● **Your task**
Wherever the word "source" appears in a line of the records, copy that line.

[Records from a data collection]
──────────
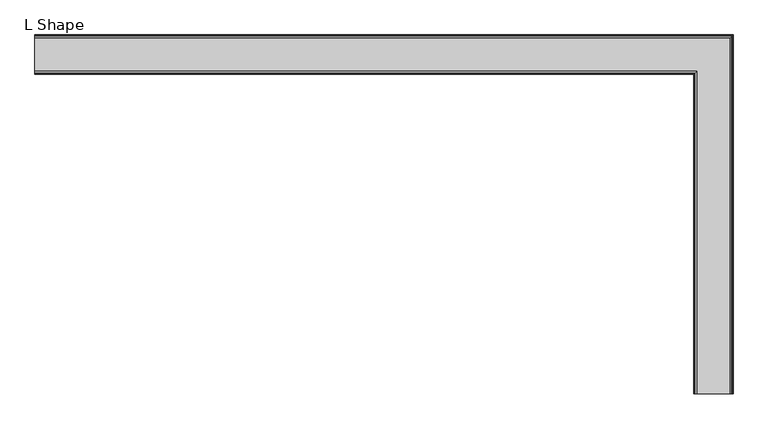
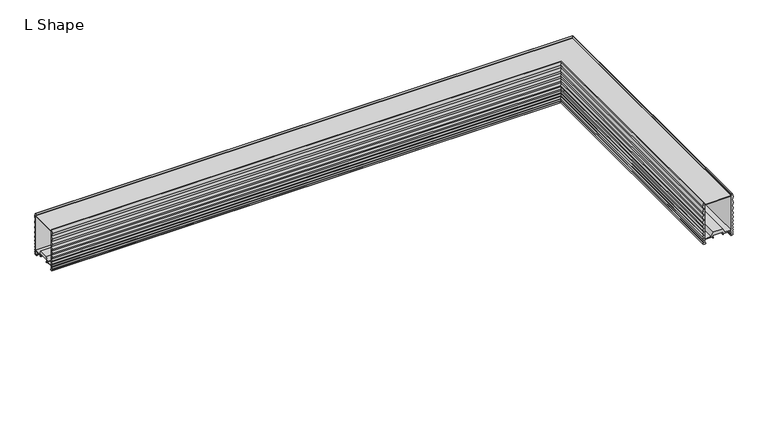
"""IFC4 building model written with IfcOpenShell, lengths in millimetres: light fixture geometry, Lighting-Ceiling-Betacalco-Bellows-L_Shape : L Shape."""

from ifc_helpers import new_model, si_unit, frame, origin, place, context, project, spatial, polyline, circle_curve, ellipse_curve, outline, extrude, source, transform, mapped, element, save
from ifc_brep_helpers import plane_surface, cylinder_surface, advanced_brep


def l_shape_3eba71ef(model_context):
    return source(origin(), model_context, "Body", "SolidModel", [
        advanced_brep(
        [(578.378, -609.6, 10.668), (596.0870711, -609.6, 10.668), (596.8570321, -609.6, 8.614822), (598.5447356, -609.6, 9.2406239), (596.91399, -609.6, 13.5891701), (597.5358437, -609.6, 14.8333325), (621.6641563, -609.6, 14.8333325), (622.28601, -609.6, 13.5891701), (620.6552644, -609.6, 9.2406239), (622.3429679, -609.6, 8.614822), (623.1129289, -609.6, 10.668), (640.822, -609.6, 10.668), (640.822, -609.6, 2.159), (638.2925845, -609.6, 2.159), (640.2378, -609.6, 0.0), (642.8887943, -609.6, 0.0), (644.7621621, -609.6, 2.0283861), (642.981, -609.6, 4.064), (644.759, -609.6, 6.604), (642.981, -609.6, 9.144), (644.759, -609.6, 12.192), (642.981, -609.6, 15.24), (644.759, -609.6, 18.796), (642.981, -609.6, 22.352), (644.759, -609.6, 26.162), (642.981, -609.6, 29.972), (644.7303587, -609.6, 34.4703509), (643.0082002, -609.6, 39.0460566), (644.7355055, -609.6, 44.1288728), (643.0034215, -609.6, 49.2119386), (644.7393965, -609.6, 54.802389), (642.9997837, -609.6, 60.3929656), (644.7424053, -609.6, 66.491104), (642.9964031, -609.6, 72.5911894), (644.7466792, -609.6, 79.7067168), (642.9931082, -609.6, 86.8195673), (644.7474913, -609.6, 94.186321), (642.9814932, -609.6, 101.6), (642.1877432, -609.6, 101.6), (640.02825, -609.6, 99.2470342), (640.02825, -609.6, 97.7961196), (640.822, -609.6, 97.7961196), (640.822, -609.6, 12.827), (625.0806146, -609.6, 12.827), (620.2222255, -609.6, 22.5473325), (598.9777745, -609.6, 22.5473325), (594.1193854, -609.6, 12.827), (578.378, -609.6, 12.827), (578.378, -609.6, 97.7961196), (579.17175, -609.6, 97.7961196), (579.17175, -609.6, 99.2470342), (577.0122568, -609.6, 101.6), (576.2185068, -609.6, 101.6), (574.4525087, -609.6, 94.186321), (576.2068918, -609.6, 86.8195673), (574.4533208, -609.6, 79.7067168), (576.2035969, -609.6, 72.5911894), (574.4575947, -609.6, 66.491104), (576.2002163, -609.6, 60.3929656), (574.4606035, -609.6, 54.802389), (576.1965785, -609.6, 49.2119386), (574.4644945, -609.6, 44.1288728), (576.1917998, -609.6, 39.0460566), (574.4696413, -609.6, 34.4703509), (576.219, -609.6, 29.972), (574.441, -609.6, 26.162), (576.219, -609.6, 22.352), (574.441, -609.6, 18.796), (576.219, -609.6, 15.24), (574.441, -609.6, 12.192), (576.219, -609.6, 9.144), (574.441, -609.6, 6.604), (576.219, -609.6, 4.064), (574.4378379, -609.6, 2.0283861), (576.3112057, -609.6, 0.0), (578.9622, -609.6, 0.0), (580.9074155, -609.6, 2.159), (578.378, -609.6, 2.159), (-609.6, -31.222, 10.668), (-609.6, -31.222, 2.159), (-609.6, -28.6925845, 2.159), (-609.6, -30.6378, 0.0), (-609.6, -33.2887943, 0.0), (-609.6, -35.1621621, 2.0283861), (-609.6, -33.381, 4.064), (-609.6, -35.159, 6.604), (-609.6, -33.381, 9.144), (-609.6, -35.159, 12.192), (-609.6, -33.381, 15.24), (-609.6, -35.159, 18.796), (-609.6, -33.381, 22.352), (-609.6, -35.159, 26.162), (-609.6, -33.381, 29.972), (-609.6, -35.1303587, 34.4703509), (-609.6, -33.4082002, 39.0460566), (-609.6, -35.1355055, 44.1288728), (-609.6, -33.4034215, 49.2119386), (-609.6, -35.1393965, 54.802389), (-609.6, -33.3997837, 60.3929656), (-609.6, -35.1424053, 66.491104), (-609.6, -33.3964031, 72.5911894), (-609.6, -35.1466792, 79.7067168), (-609.6, -33.3931082, 86.8195673), (-609.6, -35.1474913, 94.186321), (-609.6, -33.3814932, 101.6), (-609.6, -32.5877432, 101.6), (-609.6, -30.42825, 99.2470342), (-609.6, -30.42825, 97.7961196), (-609.6, -31.222, 97.7961196), (-609.6, -31.222, 12.827), (-609.6, -15.4806146, 12.827), (-609.6, -10.6222255, 22.5473325), (-609.6, 10.6222255, 22.5473325), (-609.6, 15.4806146, 12.827), (-609.6, 31.222, 12.827), (-609.6, 31.222, 97.7961196), (-609.6, 30.42825, 97.7961196), (-609.6, 30.42825, 99.2470342), (-609.6, 32.5877432, 101.6), (-609.6, 33.3814932, 101.6), (-609.6, 35.1474913, 94.186321), (-609.6, 33.3931082, 86.8195673), (-609.6, 35.1466792, 79.7067168), (-609.6, 33.3964031, 72.5911894), (-609.6, 35.1424053, 66.491104), (-609.6, 33.3997837, 60.3929656), (-609.6, 35.1393965, 54.802389), (-609.6, 33.4034215, 49.2119386), (-609.6, 35.1355055, 44.1288728), (-609.6, 33.4082002, 39.0460566), (-609.6, 35.1303587, 34.4703509), (-609.6, 33.381, 29.972), (-609.6, 35.159, 26.162), (-609.6, 33.381, 22.352), (-609.6, 35.159, 18.796), (-609.6, 33.381, 15.24), (-609.6, 35.159, 12.192), (-609.6, 33.381, 9.144), (-609.6, 35.159, 6.604), (-609.6, 33.381, 4.064), (-609.6, 35.1621621, 2.0283861), (-609.6, 33.2887943, 0.0), (-609.6, 30.6378, 0.0), (-609.6, 28.6925845, 2.159), (-609.6, 31.222, 2.159), (-609.6, 31.222, 10.668), (-609.6, 13.5129289, 10.668), (-609.6, 12.7429679, 8.614822), (-609.6, 11.0552644, 9.2406239), (-609.6, 12.68601, 13.5891701), (-609.6, 12.0641563, 14.8333325), (-609.6, -12.0641563, 14.8333325), (-609.6, -12.68601, 13.5891701), (-609.6, -11.0552644, 9.2406239), (-609.6, -12.7429679, 8.614822), (-609.6, -13.5129289, 10.668), (596.8570321, -12.7429679, 8.614822), (596.0870711, -13.5129289, 10.668), (598.5447356, -11.0552644, 9.2406239), (596.91399, -12.68601, 13.5891701), (597.5358437, -12.0641563, 14.8333325), (622.28601, 12.68601, 13.5891701), (621.6641563, 12.0641563, 14.8333325), (620.6552644, 11.0552644, 9.2406239), (622.3429679, 12.7429679, 8.614822), (623.1129289, 13.5129289, 10.668), (640.822, 31.222, 2.159), (640.822, 31.222, 10.668), (640.2378, 30.6378, 0.0), (638.2925845, 28.6925845, 2.159), (644.7621621, 35.1621621, 2.0283861), (642.8887943, 33.2887943, 0.0), (642.981, 33.381, 4.064), (644.759, 35.159, 6.604), (642.981, 33.381, 9.144), (644.759, 35.159, 12.192), (642.981, 33.381, 15.24), (644.759, 35.159, 18.796), (642.981, 33.381, 22.352), (644.759, 35.159, 26.162), (642.981, 33.381, 29.972), (644.7303587, 35.1303587, 34.4703509), (643.0082002, 33.4082002, 39.0460566), (644.7355055, 35.1355055, 44.1288728), (643.0034215, 33.4034215, 49.2119386), (644.7393965, 35.1393965, 54.802389), (642.9997837, 33.3997837, 60.3929656), (644.7424053, 35.1424053, 66.491104), (642.9964031, 33.3964031, 72.5911894), (644.7466792, 35.1466792, 79.7067168), (642.9931082, 33.3931082, 86.8195673), (644.7474913, 35.1474913, 94.186321), (642.9814932, 33.3814932, 101.6), (640.02825, 30.42825, 99.2470342), (642.1877432, 32.5877432, 101.6), (640.02825, 30.42825, 97.7961196), (640.822, 31.222, 12.827), (640.822, 31.222, 97.7961196), (620.2222255, 10.6222255, 22.5473325), (625.0806146, 15.4806146, 12.827), (594.1193854, -15.4806146, 12.827), (598.9777745, -10.6222255, 22.5473325), (578.378, -31.222, 97.7961196), (578.378, -31.222, 12.827), (579.17175, -30.42825, 99.2470342), (579.17175, -30.42825, 97.7961196), (577.0122568, -32.5877432, 101.6), (574.4525087, -35.1474913, 94.186321), (576.2185068, -33.3814932, 101.6), (576.2068918, -33.3931082, 86.8195673), (574.4533208, -35.1466792, 79.7067168), (576.2035969, -33.3964031, 72.5911894), (574.4575947, -35.1424053, 66.491104), (576.2002163, -33.3997837, 60.3929656), (574.4606035, -35.1393965, 54.802389), (576.1965785, -33.4034215, 49.2119386), (574.4644945, -35.1355055, 44.1288728), (576.1917998, -33.4082002, 39.0460566), (574.4696413, -35.1303587, 34.4703509), (576.219, -33.381, 29.972), (574.441, -35.159, 26.162), (576.219, -33.381, 22.352), (574.441, -35.159, 18.796), (576.219, -33.381, 15.24), (574.441, -35.159, 12.192), (576.219, -33.381, 9.144), (574.441, -35.159, 6.604), (576.219, -33.381, 4.064), (574.4378379, -35.1621621, 2.0283861), (576.3112057, -33.2887943, 0.0), (580.9074155, -28.6925845, 2.159), (578.9622, -30.6378, 0.0), (578.378, -31.222, 10.668), (578.378, -31.222, 2.159)],
        [
            (0, 1),
            (1, 2),
            (2, 3, circle_curve(frame((597.6997277, -609.6, 8.9308408), z_axis=(0.0, -1.0, 0.0), x_axis=(0.34325550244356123, 0.0, -0.9392420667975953)), 0.9000021)),
            (3, 4),
            (4, 5),
            (5, 6),
            (6, 7),
            (7, 8),
            (8, 9, circle_curve(frame((621.5002723, -609.6, 8.9308408), z_axis=(0.0, -1.0, 0.0), x_axis=(-0.34325550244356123, 0.0, -0.9392420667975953)), 0.9000021)),
            (9, 10),
            (10, 11),
            (11, 12),
            (12, 13),
            (13, 14, circle_curve(frame((640.2378, -609.6, 1.9558), z_axis=(0.0, -1.0, 0.0), x_axis=(0.0, 0.0, -1.0)), 1.9558)),
            (14, 15),
            (15, 16),
            (16, 17),
            (17, 18),
            (18, 19),
            (19, 20),
            (20, 21),
            (21, 22),
            (22, 23),
            (23, 24),
            (24, 25),
            (25, 26),
            (26, 27),
            (27, 28),
            (28, 29),
            (29, 30),
            (30, 31),
            (31, 32),
            (32, 33),
            (33, 34),
            (34, 35),
            (35, 36),
            (36, 37),
            (37, 38),
            (38, 39),
            (39, 40),
            (40, 41),
            (41, 42),
            (42, 43),
            (43, 44),
            (44, 45),
            (45, 46),
            (46, 47),
            (47, 48),
            (48, 49),
            (49, 50),
            (50, 51),
            (51, 52),
            (52, 53),
            (53, 54),
            (54, 55),
            (55, 56),
            (56, 57),
            (57, 58),
            (58, 59),
            (59, 60),
            (60, 61),
            (61, 62),
            (62, 63),
            (63, 64),
            (64, 65),
            (65, 66),
            (66, 67),
            (67, 68),
            (68, 69),
            (69, 70),
            (70, 71),
            (71, 72),
            (72, 73),
            (73, 74),
            (74, 75),
            (75, 76, circle_curve(frame((578.9622, -609.6, 1.9558), z_axis=(0.0, -1.0, 0.0), x_axis=(0.0, 0.0, -1.0)), 1.9558)),
            (76, 77),
            (77, 0),
            (78, 79),
            (79, 80),
            (80, 81, circle_curve(frame((-609.6, -30.6378, 1.9558), z_axis=(-1.0, 0.0, 0.0), x_axis=(0.0, 0.0, -1.0)), 1.9558)),
            (81, 82),
            (82, 83),
            (83, 84),
            (84, 85),
            (85, 86),
            (86, 87),
            (87, 88),
            (88, 89),
            (89, 90),
            (90, 91),
            (91, 92),
            (92, 93),
            (93, 94),
            (94, 95),
            (95, 96),
            (96, 97),
            (97, 98),
            (98, 99),
            (99, 100),
            (100, 101),
            (101, 102),
            (102, 103),
            (103, 104),
            (104, 105),
            (105, 106),
            (106, 107),
            (107, 108),
            (108, 109),
            (109, 110),
            (110, 111),
            (111, 112),
            (112, 113),
            (113, 114),
            (114, 115),
            (115, 116),
            (116, 117),
            (117, 118),
            (118, 119),
            (119, 120),
            (120, 121),
            (121, 122),
            (122, 123),
            (123, 124),
            (124, 125),
            (125, 126),
            (126, 127),
            (127, 128),
            (128, 129),
            (129, 130),
            (130, 131),
            (131, 132),
            (132, 133),
            (133, 134),
            (134, 135),
            (135, 136),
            (136, 137),
            (137, 138),
            (138, 139),
            (139, 140),
            (140, 141),
            (141, 142),
            (142, 143, circle_curve(frame((-609.6, 30.6378, 1.9558), z_axis=(-1.0, 0.0, 0.0), x_axis=(0.0, 0.0, -1.0)), 1.9558)),
            (143, 144),
            (144, 145),
            (145, 146),
            (146, 147),
            (147, 148, circle_curve(frame((-609.6, 11.9002723, 8.9308408), z_axis=(-1.0, 0.0, 0.0), x_axis=(0.0, -0.34325550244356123, -0.9392420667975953)), 0.9000021)),
            (148, 149),
            (149, 150),
            (150, 151),
            (151, 152),
            (152, 153),
            (153, 154, circle_curve(frame((-609.6, -11.9002723, 8.9308408), z_axis=(-1.0, 0.0, 0.0), x_axis=(0.0, 0.34325550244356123, -0.9392420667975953)), 0.9000021)),
            (154, 155),
            (155, 78),
            (156, 157),
            (157, 155),
            (154, 156),
            (158, 156, ellipse_curve(frame((597.6997277, -11.9002723, 8.9308408), z_axis=(-0.7071067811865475, 0.7071067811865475, 0.0), x_axis=(0.7071067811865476, 0.7071067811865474, 0.0)), 1.2727952, 0.9000021)),
            (153, 158),
            (159, 158),
            (152, 159),
            (160, 159),
            (151, 160),
            (161, 162),
            (162, 150),
            (149, 161),
            (163, 161),
            (148, 163),
            (164, 163, ellipse_curve(frame((621.5002723, 11.9002723, 8.9308408), z_axis=(-0.7071067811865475, 0.7071067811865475, 0.0), x_axis=(0.7071067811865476, 0.7071067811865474, 0.0)), 1.2727952, 0.9000021)),
            (147, 164),
            (165, 164),
            (146, 165),
            (166, 167),
            (167, 145),
            (144, 166),
            (168, 169, ellipse_curve(frame((640.2378, 30.6378, 1.9558), z_axis=(-0.7071067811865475, 0.7071067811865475, 0.0), x_axis=(0.7071067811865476, 0.7071067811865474, 0.0)), 2.7659189, 1.9558)),
            (169, 143),
            (142, 168),
            (170, 171),
            (171, 141),
            (140, 170),
            (172, 170),
            (139, 172),
            (173, 172),
            (138, 173),
            (174, 173),
            (137, 174),
            (175, 174),
            (136, 175),
            (176, 175),
            (135, 176),
            (177, 176),
            (134, 177),
            (178, 177),
            (133, 178),
            (179, 178),
            (132, 179),
            (180, 179),
            (131, 180),
            (181, 180),
            (130, 181),
            (182, 181),
            (129, 182),
            (183, 182),
            (128, 183),
            (184, 183),
            (127, 184),
            (185, 184),
            (126, 185),
            (186, 185),
            (125, 186),
            (187, 186),
            (124, 187),
            (188, 187),
            (123, 188),
            (189, 188),
            (122, 189),
            (190, 189),
            (121, 190),
            (191, 190),
            (120, 191),
            (192, 191),
            (119, 192),
            (193, 194),
            (194, 118),
            (117, 193),
            (195, 193),
            (116, 195),
            (196, 197),
            (197, 115),
            (114, 196),
            (198, 199),
            (199, 113),
            (112, 198),
            (200, 201),
            (201, 111),
            (110, 200),
            (202, 203),
            (203, 109),
            (108, 202),
            (204, 205),
            (205, 107),
            (106, 204),
            (206, 204),
            (105, 206),
            (207, 208),
            (208, 104),
            (103, 207),
            (209, 207),
            (102, 209),
            (210, 209),
            (101, 210),
            (211, 210),
            (100, 211),
            (212, 211),
            (99, 212),
            (213, 212),
            (98, 213),
            (214, 213),
            (97, 214),
            (215, 214),
            (96, 215),
            (216, 215),
            (95, 216),
            (217, 216),
            (94, 217),
            (218, 217),
            (93, 218),
            (219, 218),
            (92, 219),
            (220, 219),
            (91, 220),
            (221, 220),
            (90, 221),
            (222, 221),
            (89, 222),
            (223, 222),
            (88, 223),
            (224, 223),
            (87, 224),
            (225, 224),
            (86, 225),
            (226, 225),
            (85, 226),
            (227, 226),
            (84, 227),
            (228, 227),
            (83, 228),
            (229, 228),
            (82, 229),
            (230, 231, ellipse_curve(frame((578.9622, -30.6378, 1.9558), z_axis=(-0.7071067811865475, 0.7071067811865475, 0.0), x_axis=(0.7071067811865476, 0.7071067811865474, 0.0)), 2.7659189, 1.9558)),
            (231, 81),
            (80, 230),
            (232, 233),
            (233, 79),
            (78, 232),
            (0, 232),
            (157, 1),
            (156, 2),
            (158, 3),
            (159, 4),
            (160, 5),
            (162, 6),
            (161, 7),
            (163, 8),
            (164, 9),
            (165, 10),
            (167, 11),
            (166, 12),
            (169, 13),
            (168, 14),
            (171, 15),
            (170, 16),
            (172, 17),
            (173, 18),
            (174, 19),
            (175, 20),
            (176, 21),
            (177, 22),
            (178, 23),
            (179, 24),
            (180, 25),
            (181, 26),
            (182, 27),
            (183, 28),
            (184, 29),
            (185, 30),
            (186, 31),
            (187, 32),
            (188, 33),
            (189, 34),
            (190, 35),
            (191, 36),
            (192, 37),
            (194, 38),
            (193, 39),
            (195, 40),
            (197, 41),
            (196, 42),
            (199, 43),
            (198, 44),
            (201, 45),
            (200, 46),
            (203, 47),
            (202, 48),
            (205, 49),
            (204, 50),
            (206, 51),
            (208, 52),
            (207, 53),
            (209, 54),
            (210, 55),
            (211, 56),
            (212, 57),
            (213, 58),
            (214, 59),
            (215, 60),
            (216, 61),
            (217, 62),
            (218, 63),
            (219, 64),
            (220, 65),
            (221, 66),
            (222, 67),
            (223, 68),
            (224, 69),
            (225, 70),
            (226, 71),
            (227, 72),
            (228, 73),
            (229, 74),
            (231, 75),
            (230, 76),
            (233, 77),
        ],
        [
            plane_surface(frame((609.6, -609.6, 0.0), z_axis=(0.0, -1.0, 0.0), x_axis=(0.0, 0.0, 1.0))),
            plane_surface(frame((-609.6, 0.0, 0.0), z_axis=(-1.0, 0.0, 0.0), x_axis=(0.0, 0.0, 1.0))),
            plane_surface(frame((596.0870711, -13.5129289, 10.668), z_axis=(0.0, -0.9363262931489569, -0.3511311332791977), x_axis=(-1.0, 0.0, 0.0))),
            cylinder_surface(frame((609.6, -11.9002723, 8.9308408), z_axis=(1.0, 0.0, 0.0), x_axis=(0.0, 0.34325550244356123, -0.9392420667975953)), 0.9000021),
            plane_surface(frame((598.5447356, -11.0552644, 9.2406239), z_axis=(0.0, 0.9363262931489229, 0.35113113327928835), x_axis=(-1.0, 0.0, 0.0))),
            plane_surface(frame((596.91399, -12.68601, 13.5891701), z_axis=(0.0, 0.89449260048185, -0.44708275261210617), x_axis=(-1.0, 0.0, 0.0))),
            plane_surface(frame((621.6641563, 12.0641563, 14.8333325), z_axis=(0.0, -0.89449260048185, -0.44708275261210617), x_axis=(-1.0, 0.0, 0.0))),
            plane_surface(frame((622.28601, 12.68601, 13.5891701), z_axis=(0.0, -0.9363262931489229, 0.35113113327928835), x_axis=(-1.0, 0.0, 0.0))),
            cylinder_surface(frame((609.6, 11.9002723, 8.9308408), z_axis=(1.0, 0.0, 0.0), x_axis=(0.0, -0.34325550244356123, -0.9392420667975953)), 0.9000021),
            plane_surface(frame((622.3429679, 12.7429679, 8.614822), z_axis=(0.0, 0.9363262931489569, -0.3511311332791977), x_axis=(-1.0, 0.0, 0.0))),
──────────
● **Answer for the task**
from ifc_helpers import new_model, si_unit, frame, origin, place, context, project, spatial, polyline, circle_curve, ellipse_curve, outline, extrude, source, transform, mapped, element, save
    return source(origin(), model_context, "Body", "SolidModel", [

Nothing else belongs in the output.